In welke stand fotografeer je?

Amy Schutte 929
Op het draaiwieltje van je camera staan allerlei afkortingen en bij sommige camera’s ook icoontjes. Welke stand kun je het beste kiezen?

Op camera’s van verschillende fabrikanten ziet het draaiwieltje er vaak net anders uit. Andere afkorting, dezelfde functie. Laten we eens kijken wat de mogelijkheden zijn en welke stand bij jouw fotografie past.

Auto stand (groen rechthoekje)

Dit is de automatische stand van je camera. De camera doet een lichtmeting met behulp van de ingebouwde lichtmeter, en bepaalt zelf welke instellingen een goed (gemiddeld) belichte foto opleveren. Voor omstandigheden met voldoende licht en weinig sterke contrasten werkt dit uitstekend. Je kunt al je aandacht richten op een goed onderwerp, je standpunt en je compositie. Uiteindelijk is het natuurlijk wel fijn als je de andere functies leert kennen, om optimaal gebruik te maken van de mogelijkheden van je camera.

Program stand (P)

In deze stand worden de belichtingsinstellingen automatisch gemaakt, dus de camera kiest ze. Je hebt in deze stand echter wel de mogelijkheid om de ISO waarde zelf in te stellen, net als de witbalans en belichtingscompensatie. Zo kun je dus net iet meer controle over je foto uitoefenen.

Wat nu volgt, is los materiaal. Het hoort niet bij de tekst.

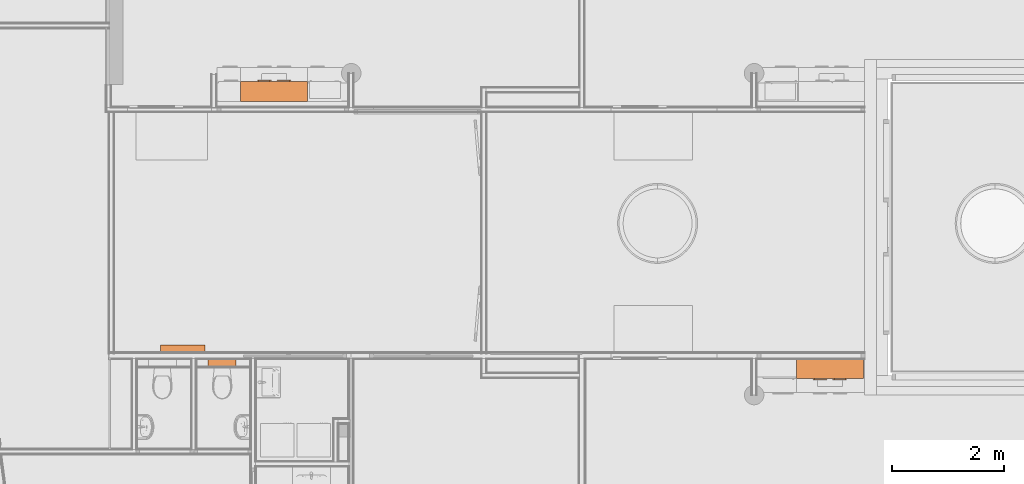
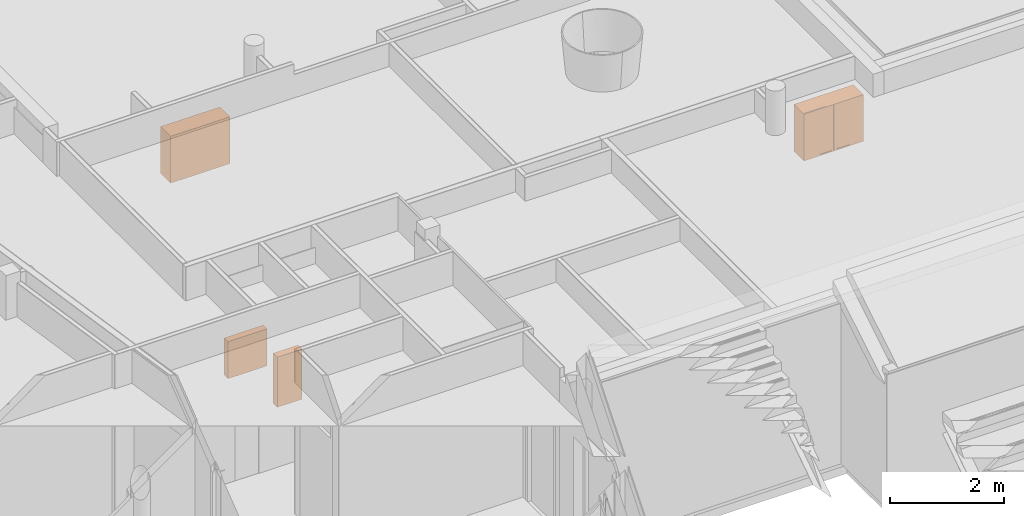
# One storey, part 111 of 167: 4 proxies.
"""IFC2X3 building model written with IfcOpenShell, lengths in millimetres."""

from ifc_helpers import new_model, entity, si_unit, converted_unit, derived_unit, money_unit, direction, frame, origin_with_axes, place, context, subcontext, project, spatial, open_shell, faceted_brep, surface_model, source, transform, mapped, type_object, type_shapes, element, save


model = new_model("IFC2X3")

# Units and contexts
model_context = context("Model", 3, precision=0.01, world=origin_with_axes(), true_north=direction((0.0, 1.0)))
plan_context = context("Plan", 3, precision=0.01, world=origin_with_axes(), true_north=direction((0.0, 1.0)))
body_context = subcontext(model_context, "Body", "Model", "MODEL_VIEW")
ifc_project = project(units=[si_unit("LENGTHUNIT", "METRE", prefix="MILLI"), si_unit("AREAUNIT", "SQUARE_METRE"), si_unit("VOLUMEUNIT", "CUBIC_METRE"), converted_unit("PLANEANGLEUNIT", "DEGREE", entity("IfcPlaneAngleMeasure", 0.0174532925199), si_unit("PLANEANGLEUNIT", "RADIAN"), dimensions=[0, 0, 0, 0, 0, 0, 0]), si_unit("SOLIDANGLEUNIT", "STERADIAN"), money_unit("EUR"), converted_unit("TIMEUNIT", "Year", entity("IfcTimeMeasure", 31556926.0), si_unit("TIMEUNIT", "SECOND"), dimensions=[0, 0, 1, 0, 0, 0, 0]), si_unit("MASSUNIT", "GRAM", prefix="KILO"), si_unit("THERMODYNAMICTEMPERATUREUNIT", "DEGREE_CELSIUS"), si_unit("LUMINOUSINTENSITYUNIT", "LUMEN"), si_unit("ENERGYUNIT", "JOULE", prefix="MEGA"), derived_unit("THERMALCONDUCTANCEUNIT", [(si_unit("POWERUNIT", "WATT"), 1), (si_unit("LENGTHUNIT", "METRE"), -1), (si_unit("THERMODYNAMICTEMPERATUREUNIT", "KELVIN"), -1)]), derived_unit("SPECIFICHEATCAPACITYUNIT", [(si_unit("ENERGYUNIT", "JOULE"), 1), (si_unit("MASSUNIT", "GRAM", prefix="KILO"), -1), (si_unit("THERMODYNAMICTEMPERATUREUNIT", "KELVIN"), -1)]), derived_unit("MASSDENSITYUNIT", [(si_unit("MASSUNIT", "GRAM", prefix="KILO"), 1), (si_unit("VOLUMEUNIT", "CUBIC_METRE"), -1)])], contexts=[model_context, plan_context])

# Site, building, storey
site_placement = place(None, origin_with_axes())
site = spatial("IfcSite", under=ifc_project, at=site_placement, Name="Site", CompositionType="ELEMENT")
building_placement = place(site_placement, origin_with_axes())
building = spatial("IfcBuilding", under=site, at=building_placement, Name="Naam gebouw", CompositionType="ELEMENT")
storey_placement = place(building_placement, origin_with_axes())
storey = spatial("IfcBuildingStorey", under=building, at=storey_placement, Name="Begane grond", CompositionType="ELEMENT", Elevation=0.0)

# Proxies
building_element_proxy_type_1 = type_object("IfcBuildingElementProxyType", Name="Brandslanghaspelkast 24 KM", PredefinedType="NOTDEFINED")
shared_shape_1 = source(origin_with_axes(), body_context, "Body", "Brep", [
    faceted_brep([(0.0, 0.0, 790.0), (-790.0, 0.0, 790.0), (-790.0, 0.0, 0.0), (0.0, 0.0, 0.0), (-10.0, 0.0, 10.0), (-780.0, 0.0, 10.0), (-780.0, 0.0, 780.0), (-10.0, 0.0, 780.0), (0.0, 135.0, 790.0), (-790.0, 135.0, 790.0), (-790.0, 135.0, 0.0), (0.0, 135.0, 0.0), (-10.0, 125.0, 10.0), (-780.0, 125.0, 10.0), (-780.0, 125.0, 780.0), (-10.0, 125.0, 780.0)], [[[0, 1, 2, 3], [4, 5, 6, 7]], [[8, 9, 1, 0]], [[1, 9, 10, 2]], [[10, 11, 3, 2]], [[8, 0, 3, 11]], [[4, 12, 13, 5]], [[5, 13, 14, 6]], [[6, 14, 15, 7]], [[7, 15, 12, 4]], [[9, 8, 11, 10]], [[13, 12, 15, 14]]]),
    faceted_brep([(-780.1, 0.0, 10.1), (-780.1, 10.0, 10.1), (-10.1, 10.0, 10.1), (-10.1, 0.0, 10.1), (-780.1, 0.0, 779.9), (-780.1, 10.0, 779.9), (-10.1, 10.0, 779.9), (-10.1, 0.0, 779.9)], [[[0, 1, 2, 3]], [[0, 4, 5, 1]], [[1, 5, 6, 2]], [[2, 6, 7, 3]], [[3, 7, 4, 0]], [[7, 6, 5, 4]]]),
])
type_shapes(building_element_proxy_type_1, [shared_shape_1])
proxy_1_placement = place(storey_placement, frame((25393.6304548, 37497.5, 750.0), z_axis=(0.0, 0.0, 1.0), x_axis=(-1.0, 0.0, 0.0)))
element("IfcBuildingElementProxy", 1, at=proxy_1_placement, inside=storey, type_object=building_element_proxy_type_1, Name="__Object-x", context=body_context, shape_type="MappedRepresentation", body=[
    mapped(shared_shape_1, transform((0.0, 0.0, 0.0))),
])
building_element_proxy_type_2 = type_object("IfcBuildingElementProxyType", Name="Inbouwreservoir 24 KM", PredefinedType="NOTDEFINED")
shared_shape_2 = source(origin_with_axes(), body_context, "Body", "SurfaceModel", [
    faceted_brep([(0.0, 0.0, 0.0), (501.499856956, 0.0, 0.0), (501.499856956, 0.0, 1070.0), (0.0, 0.0, 1070.0), (0.0, 145.000476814, 0.0), (501.499856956, 145.000476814, 0.0), (501.499856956, 145.000476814, 1070.0), (0.0, 145.000476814, 1070.0)], [[[0, 1, 2, 3]], [[0, 4, 5, 1]], [[1, 5, 6, 2]], [[3, 2, 6, 7]], [[4, 0, 3, 7]], [[5, 4, 7, 6]]]),
    surface_model("IfcShellBasedSurfaceModel", [(1.0, 0.0, 0.0), (500.499856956, 0.0, 0.0), (500.499856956, 145.000476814, 1070.0), (1.0, 145.000476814, 1070.0)], [open_shell([[[0, 1, 2, 3]]])]),
    surface_model("IfcShellBasedSurfaceModel", [(1.0, 0.0, 1070.0), (500.499856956, 0.0, 1070.0), (500.499856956, 145.000476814, 0.0), (1.0, 145.000476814, 0.0)], [open_shell([[[0, 1, 2, 3]]])]),
    faceted_brep([(375.749928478, -10.0, 820.0), (125.749928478, -10.0, 820.0), (125.749928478, 0.0, 820.0), (375.749928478, 0.0, 820.0), (375.749928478, -10.0, 980.0), (125.749928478, -10.0, 980.0), (125.749928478, 0.0, 980.0), (375.749928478, 0.0, 980.0)], [[[0, 1, 2, 3]], [[1, 0, 4, 5]], [[2, 1, 5, 6]], [[3, 2, 6, 7]], [[0, 3, 7, 4]], [[5, 4, 7, 6]]]),
    surface_model("IfcShellBasedSurfaceModel", [(325.749928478, 0.0, 850.0), (175.749928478, 0.0, 850.0), (175.749928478, 0.0, 950.0), (325.749928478, 0.0, 950.0)], [open_shell([[[0, 1, 2, 3]]])]),
    surface_model("IfcShellBasedSurfaceModel", [(175.749928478, -10.0, 820.0), (325.749928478, -10.0, 820.0), (325.749928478, -10.0, 855.0), (175.749928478, -10.0, 855.0)], [open_shell([[[0, 1, 2, 3]]])]),
    surface_model("IfcShellBasedSurfaceModel", [(175.749928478, -10.0, 855.0), (265.749928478, -10.0, 855.0), (265.749928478, -10.0, 945.0), (175.749928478, -10.0, 945.0)], [open_shell([[[0, 1, 2, 3]]])]),
    surface_model("IfcShellBasedSurfaceModel", [(265.749928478, -10.0, 855.0), (325.749928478, -10.0, 855.0), (325.749928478, -10.0, 945.0), (265.749928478, -10.0, 945.0)], [open_shell([[[0, 1, 2, 3]]])]),
])
type_shapes(building_element_proxy_type_2, [shared_shape_2])
proxy_2_placement = place(storey_placement, frame((26742.0675318, 37250.0, 0.0), z_axis=(0.0, 0.0, 1.0), x_axis=(-0.999999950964, 0.000313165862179, 0.0)))
element("IfcBuildingElementProxy", 2, at=proxy_2_placement, inside=storey, type_object=building_element_proxy_type_2, Name="__Object-x", context=body_context, shape_type="MappedRepresentation", body=[
    mapped(shared_shape_2, transform((0.0, 0.0, 0.0))),
])
building_element_proxy_type_3 = type_object("IfcBuildingElementProxyType", Name="Kast wand 2D 24", PredefinedType="NOTDEFINED")
shared_shape_3 = source(origin_with_axes(), body_context, "Body", "SurfaceModel", [
    faceted_brep([(0.0, 20.0, 2480.0), (0.0, 20.0, 2500.0), (-20.0, 20.0, 2500.0), (-20.0, 20.0, 2480.0), (0.0, 350.0, 2480.0), (0.0, 350.0, 2500.0), (-20.0, 350.0, 2500.0), (-1180.0, 350.0, 2500.0), (-1200.0, 350.0, 2500.0), (-1200.0, 20.0, 2500.0), (-1180.0, 20.0, 2500.0), (-1180.0, 20.0, 2480.0), (-1200.0, 20.0, 2480.0), (-1200.0, 350.0, 2480.0), (-1180.0, 350.0, 2480.0), (-20.0, 350.0, 2480.0)], [[[0, 1, 2, 3]], [[4, 5, 1, 0]], [[1, 5, 6, 7, 8, 9, 10, 2]], [[3, 2, 10, 11]], [[0, 3, 11, 12, 13, 14, 15, 4]], [[15, 6, 5, 4]], [[14, 7, 6, 15]], [[13, 8, 7, 14]], [[12, 9, 8, 13]], [[11, 10, 9, 12]]]),
    faceted_brep([(0.0, 20.0, 1500.0), (0.0, 20.0, 1520.0), (-20.0, 20.0, 1520.0), (-20.0, 20.0, 1500.0), (0.0, 350.0, 1500.0), (0.0, 350.0, 1520.0), (-20.0, 350.0, 1520.0), (-1180.0, 350.0, 1520.0), (-1200.0, 350.0, 1520.0), (-1200.0, 20.0, 1520.0), (-1180.0, 20.0, 1520.0), (-1180.0, 20.0, 1500.0), (-1200.0, 20.0, 1500.0), (-1200.0, 350.0, 1500.0), (-1180.0, 350.0, 1500.0), (-20.0, 350.0, 1500.0)], [[[0, 1, 2, 3]], [[4, 5, 1, 0]], [[1, 5, 6, 7, 8, 9, 10, 2]], [[3, 2, 10, 11]], [[0, 3, 11, 12, 13, 14, 15, 4]], [[15, 6, 5, 4]], [[14, 7, 6, 15]], [[13, 8, 7, 14]], [[12, 9, 8, 13]], [[11, 10, 9, 12]]]),
    faceted_brep([(0.0, 20.0, 1520.0), (0.0, 20.0, 2480.0), (-20.0, 20.0, 2480.0), (-20.0, 20.0, 1520.0), (0.0, 350.0, 1520.0), (0.0, 350.0, 2480.0), (-1200.0, 350.0, 2480.0), (-1200.0, 20.0, 2480.0), (-1180.0, 20.0, 2480.0), (-1180.0, 330.0, 2480.0), (-20.0, 330.0, 2480.0), (-20.0, 330.0, 1520.0), (-1180.0, 330.0, 1520.0), (-1180.0, 20.0, 1520.0), (-1200.0, 20.0, 1520.0), (-1200.0, 350.0, 1520.0)], [[[0, 1, 2, 3]], [[4, 5, 1, 0]], [[1, 5, 6, 7, 8, 9, 10, 2]], [[3, 2, 10, 11]], [[0, 3, 11, 12, 13, 14, 15, 4]], [[15, 6, 5, 4]], [[14, 7, 6, 15]], [[13, 8, 7, 14]], [[12, 9, 8, 13]], [[11, 10, 9, 12]]]),
    faceted_brep([(-1180.0, 20.0, 1813.33333333), (-1180.0, 20.0, 1833.33333333), (-1180.0, 330.0, 1833.33333333), (-1180.0, 330.0, 1813.33333333), (-20.0, 20.0, 1813.33333333), (-20.0, 20.0, 1833.33333333), (-20.0, 330.0, 1833.33333333), (-20.0, 330.0, 1813.33333333)], [[[0, 1, 2, 3]], [[4, 5, 1, 0]], [[1, 5, 6, 2]], [[3, 2, 6, 7]], [[0, 3, 7, 4]], [[7, 6, 5, 4]]]),
    faceted_brep([(-1180.0, 20.0, 2146.66666667), (-1180.0, 20.0, 2166.66666667), (-1180.0, 330.0, 2166.66666667), (-1180.0, 330.0, 2146.66666667), (-20.0, 20.0, 2146.66666667), (-20.0, 20.0, 2166.66666667), (-20.0, 330.0, 2166.66666667), (-20.0, 330.0, 2146.66666667)], [[[0, 1, 2, 3]], [[4, 5, 1, 0]], [[1, 5, 6, 2]], [[3, 2, 6, 7]], [[0, 3, 7, 4]], [[7, 6, 5, 4]]]),
    faceted_brep([(-1.5, 20.0, 1501.5), (-1.5, 0.0, 1501.5), (-598.5, 0.0, 1501.5), (-598.5, 20.0, 1501.5), (-1.5, 20.0, 2498.5), (-1.5, 0.0, 2498.5), (-598.5, 0.0, 2498.5), (-598.5, 20.0, 2498.5)], [[[0, 1, 2, 3]], [[4, 5, 1, 0]], [[1, 5, 6, 2]], [[3, 2, 6, 7]], [[0, 3, 7, 4]], [[7, 6, 5, 4]]]),
    faceted_brep([(-298.5, -28.1480502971, 1548.7283614), (-298.5, -27.0, 1548.5), (-298.5, -25.8519497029, 1548.7283614), (-298.5, -24.8786796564, 1549.37867966), (-298.5, -24.2283614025, 1550.3519497), (-298.5, -24.0, 1551.5), (-298.5, -24.2283614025, 1552.6480503), (-298.5, -24.8786796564, 1553.62132034), (-298.5, -25.8519497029, 1554.2716386), (-298.5, -27.0, 1554.5), (-298.5, -28.1480502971, 1554.2716386), (-298.5, -29.1213203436, 1553.62132034), (-298.5, -29.7716385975, 1552.6480503), (-298.5, -30.0, 1551.5), (-298.5, -29.7716385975, 1550.3519497), (-298.5, -29.1213203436, 1549.37867966), (-548.5, -28.1480502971, 1548.7283614), (-548.5, -27.0, 1548.5), (-548.5, -25.8519497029, 1548.7283614), (-548.5, -24.8786796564, 1549.37867966), (-548.5, -24.2283614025, 1550.3519497), (-548.5, -24.0, 1551.5), (-548.5, -24.2283614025, 1552.6480503), (-548.5, -24.8786796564, 1553.62132034), (-548.5, -25.8519497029, 1554.2716386), (-548.5, -27.0, 1554.5), (-548.5, -28.1480502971, 1554.2716386), (-548.5, -29.1213203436, 1553.62132034), (-548.5, -29.7716385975, 1552.6480503), (-548.5, -30.0, 1551.5), (-548.5, -29.7716385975, 1550.3519497), (-548.5, -29.1213203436, 1549.37867966)], [[[0, 1, 2, 3, 4, 5, 6, 7, 8, 9, 10, 11, 12, 13, 14, 15]], [[0, 16, 17, 1]], [[1, 17, 18, 2]], [[2, 18, 19, 3]], [[3, 19, 20, 4]], [[4, 20, 21, 5]], [[5, 21, 22, 6]], [[6, 22, 23, 7]], [[7, 23, 24, 8]], [[8, 24, 25, 9]], [[9, 25, 26, 10]], [[10, 26, 27, 11]], [[11, 27, 28, 12]], [[12, 28, 29, 13]], [[13, 29, 30, 14]], [[14, 30, 31, 15]], [[15, 31, 16, 0]], [[16, 31, 30, 29, 28, 27, 26, 25, 24, 23, 22, 21, 20, 19, 18, 17]]]),
    surface_model("IfcShellBasedSurfaceModel", [(-321.190301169, -24.156637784, 1550.54329142), (-321.190301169, 0.0, 1550.54329142), (-321.0, 0.0, 1551.5), (-321.0, -24.0, 1551.5), (-321.732233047, -24.5761600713, 1549.73223305), (-321.732233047, 0.0, 1549.73223305), (-322.543291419, 0.0, 1549.19030117), (-323.5, 0.0, 1549.0), (-324.456708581, 0.0, 1549.19030117), (-325.267766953, 0.0, 1549.73223305), (-325.809698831, 0.0, 1550.54329142), (-326.0, 0.0, 1551.5), (-325.809698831, 0.0, 1552.45670858), (-325.267766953, 0.0, 1553.26776695), (-324.456708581, 0.0, 1553.80969883), (-323.5, 0.0, 1554.0), (-322.543291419, 0.0, 1553.80969883), (-321.732233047, 0.0, 1553.26776695), (-321.190301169, 0.0, 1552.45670858), (-321.190301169, -24.156637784, 1552.45670858), (-322.543291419, -25.0855049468, 1549.19030117), (-323.5, -25.3416876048, 1549.0), (-324.456708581, -25.0855049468, 1549.19030117), (-325.267766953, -24.5761600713, 1549.73223305), (-325.809698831, -24.156637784, 1550.54329142), (-326.0, -24.0, 1551.5), (-325.809698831, -24.156637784, 1552.45670858), (-325.267766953, -24.5761600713, 1553.26776695), (-324.456708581, -25.0855049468, 1553.80969883), (-323.5, -25.3416876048, 1554.0), (-322.543291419, -25.0855049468, 1553.80969883), (-321.732233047, -24.5761600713, 1553.26776695)], [open_shell([[[0, 1, 2, 3]], [[4, 5, 1, 0]], [[1, 5, 6, 7, 8, 9, 10, 11, 12, 13, 14, 15, 16, 17, 18, 2]], [[3, 2, 18, 19]], [[20, 6, 5, 4]], [[21, 7, 6, 20]], [[22, 8, 7, 21]], [[23, 9, 8, 22]], [[24, 10, 9, 23]], [[25, 11, 10, 24]], [[26, 12, 11, 25]], [[27, 13, 12, 26]], [[28, 14, 13, 27]], [[29, 15, 14, 28]], [[30, 16, 15, 29]], [[31, 17, 16, 30]], [[19, 18, 17, 31]]])]),
    surface_model("IfcShellBasedSurfaceModel", [(-521.190301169, -24.156637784, 1550.54329142), (-521.190301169, 0.0, 1550.54329142), (-521.0, 0.0, 1551.5), (-521.0, -24.0, 1551.5), (-521.732233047, -24.5761600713, 1549.73223305), (-521.732233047, 0.0, 1549.73223305), (-522.543291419, 0.0, 1549.19030117), (-523.5, 0.0, 1549.0), (-524.456708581, 0.0, 1549.19030117), (-525.267766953, 0.0, 1549.73223305), (-525.809698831, 0.0, 1550.54329142), (-526.0, 0.0, 1551.5), (-525.809698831, 0.0, 1552.45670858), (-525.267766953, 0.0, 1553.26776695), (-524.456708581, 0.0, 1553.80969883), (-523.5, 0.0, 1554.0), (-522.543291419, 0.0, 1553.80969883), (-521.732233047, 0.0, 1553.26776695), (-521.190301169, 0.0, 1552.45670858), (-521.190301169, -24.156637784, 1552.45670858), (-522.543291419, -25.0855049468, 1549.19030117), (-523.5, -25.3416876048, 1549.0), (-524.456708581, -25.0855049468, 1549.19030117), (-525.267766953, -24.5761600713, 1549.73223305), (-525.809698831, -24.156637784, 1550.54329142), (-526.0, -24.0, 1551.5), (-525.809698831, -24.156637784, 1552.45670858), (-525.267766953, -24.5761600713, 1553.26776695), (-524.456708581, -25.0855049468, 1553.80969883), (-523.5, -25.3416876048, 1554.0), (-522.543291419, -25.0855049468, 1553.80969883), (-521.732233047, -24.5761600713, 1553.26776695)], [open_shell([[[0, 1, 2, 3]], [[4, 5, 1, 0]], [[1, 5, 6, 7, 8, 9, 10, 11, 12, 13, 14, 15, 16, 17, 18, 2]], [[3, 2, 18, 19]], [[20, 6, 5, 4]], [[21, 7, 6, 20]], [[22, 8, 7, 21]], [[23, 9, 8, 22]], [[24, 10, 9, 23]], [[25, 11, 10, 24]], [[26, 12, 11, 25]], [[27, 13, 12, 26]], [[28, 14, 13, 27]], [[29, 15, 14, 28]], [[30, 16, 15, 29]], [[31, 17, 16, 30]], [[19, 18, 17, 31]]])]),
    faceted_brep([(-1198.5, 20.0, 1501.5), (-601.5, 20.0, 1501.5), (-601.5, 0.0, 1501.5), (-1198.5, 0.0, 1501.5), (-1198.5, 20.0, 2498.5), (-601.5, 20.0, 2498.5), (-601.5, 0.0, 2498.5), (-1198.5, 0.0, 2498.5)], [[[0, 1, 2, 3]], [[0, 4, 5, 1]], [[1, 5, 6, 2]], [[3, 2, 6, 7]], [[4, 0, 3, 7]], [[5, 4, 7, 6]]]),
    faceted_brep([(-901.5, -28.1480502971, 1548.7283614), (-901.5, -29.1213203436, 1549.37867966), (-901.5, -29.7716385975, 1550.3519497), (-901.5, -30.0, 1551.5), (-901.5, -29.7716385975, 1552.6480503), (-901.5, -29.1213203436, 1553.62132034), (-901.5, -28.1480502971, 1554.2716386), (-901.5, -27.0, 1554.5), (-901.5, -25.8519497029, 1554.2716386), (-901.5, -24.8786796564, 1553.62132034), (-901.5, -24.2283614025, 1552.6480503), (-901.5, -24.0, 1551.5), (-901.5, -24.2283614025, 1550.3519497), (-901.5, -24.8786796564, 1549.37867966), (-901.5, -25.8519497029, 1548.7283614), (-901.5, -27.0, 1548.5), (-651.5, -28.1480502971, 1548.7283614), (-651.5, -29.1213203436, 1549.37867966), (-651.5, -29.7716385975, 1550.3519497), (-651.5, -30.0, 1551.5), (-651.5, -29.7716385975, 1552.6480503), (-651.5, -29.1213203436, 1553.62132034), (-651.5, -28.1480502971, 1554.2716386), (-651.5, -27.0, 1554.5), (-651.5, -25.8519497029, 1554.2716386), (-651.5, -24.8786796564, 1553.62132034), (-651.5, -24.2283614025, 1552.6480503), (-651.5, -24.0, 1551.5), (-651.5, -24.2283614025, 1550.3519497), (-651.5, -24.8786796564, 1549.37867966), (-651.5, -25.8519497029, 1548.7283614), (-651.5, -27.0, 1548.5)], [[[0, 1, 2, 3, 4, 5, 6, 7, 8, 9, 10, 11, 12, 13, 14, 15]], [[1, 0, 16, 17]], [[2, 1, 17, 18]], [[3, 2, 18, 19]], [[4, 3, 19, 20]], [[5, 4, 20, 21]], [[6, 5, 21, 22]], [[7, 6, 22, 23]], [[8, 7, 23, 24]], [[9, 8, 24, 25]], [[10, 9, 25, 26]], [[11, 10, 26, 27]], [[12, 11, 27, 28]], [[13, 12, 28, 29]], [[14, 13, 29, 30]], [[15, 14, 30, 31]], [[0, 15, 31, 16]], [[16, 31, 30, 29, 28, 27, 26, 25, 24, 23, 22, 21, 20, 19, 18, 17]]]),
    surface_model("IfcShellBasedSurfaceModel", [(-878.809698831, -24.156637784, 1550.54329142), (-879.0, -24.0, 1551.5), (-879.0, 0.0, 1551.5), (-878.809698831, 0.0, 1550.54329142), (-878.809698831, -24.156637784, 1552.45670858), (-878.809698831, 0.0, 1552.45670858), (-878.267766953, 0.0, 1553.26776695), (-877.456708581, 0.0, 1553.80969883), (-876.5, 0.0, 1554.0), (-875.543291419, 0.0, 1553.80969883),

Sluiterprioriteit (S of Tv)

In sluiterprioriteit kies je zelf de sluitertijd van je foto. De camera kiest daarbij de andere belichtingsinstellingen, namelijk de diafragmaopening en de ISO (mits op auto ISO). Met de sluitertijd wordt bepaald hoe lang er licht op de sensor valt. Hoe langer, hoe meer licht. Maar, bij een (te) lange sluitertijd, kun je kleine bewegingen in de camera of het onderwerp gaan zien. Hierdoor ontstaat bewegingsonscherpte. Dit kan een gewenst effect zijn, en is één van de redenen om voor sluiterprioriteit te kiezen. Sluiterprioriteit is vooral handig wanneer je beweging wil fotograferen. Je kunt bepalen of je de beweging wil bevriezen of juist beweging wil laten zien.

Diafragmaprioriteit (A of Av)

In diafragmaprioriteit stel je zelf de diafragmaopening in. De camera kiest daar, met behulp van de belichtingsmeter, de juiste sluitertijd en ISO bij (mits je de camera op auto ISO hebt ingesteld). Met het diafragma bepaal je hoeveel licht er door de ‘iris’ op de sensor valt. Het diafragma, en hoeveel licht deze doorlaat, is vooral van invloed op de scherptediepte van je foto. Bij een kleine scherptediepte is een klein gedeelte scherp, de voor- en achtergrond worden onscherp of wazig. Bij een grote scherptediepte is juist een groot gedeelte van de foto scherp. Hoe groter de diafragmaopening (dat betekent een klein f/getal in je instellingen), hoe kleiner de scherptediepte.

Handmatig (M)

Wanneer je een tijdje bezig bent, en begrijpt hoe de verschillende elementen van de belichtingsdriehoek (sluitertijd, diafragma en ISO) zich tot elkaar verhouden, kun je je instellingen helemaal zelf maken. De camera helpt je niet meer, je zorgt zelf voor een goede belichting van je foto. Natuurlijk heb je daarbij nog wel de hulp van de ingebouwde belichtingsmeter. Het grote voordeel is dat je nu zelf alle controle over je foto hebt. Het eindresultaat zou dus zo moeten zijn als je het zelf in gedachten had.

Camera’s zijn ‘slimme’ apparaten en kunnen je helpen door een deel van de instellingen zelf te kiezen. Probeer de verschillende standen uit en onthoud dat ze niet alleen handig zijn voor beginnende fotografen. Ook professionals gebruiken ze regelmatig, om meer aandacht te kunnen besteden aan andere elementen in de foto. Welke stand je vaker zult gebruiken, is dan ook sterk persoonlijk.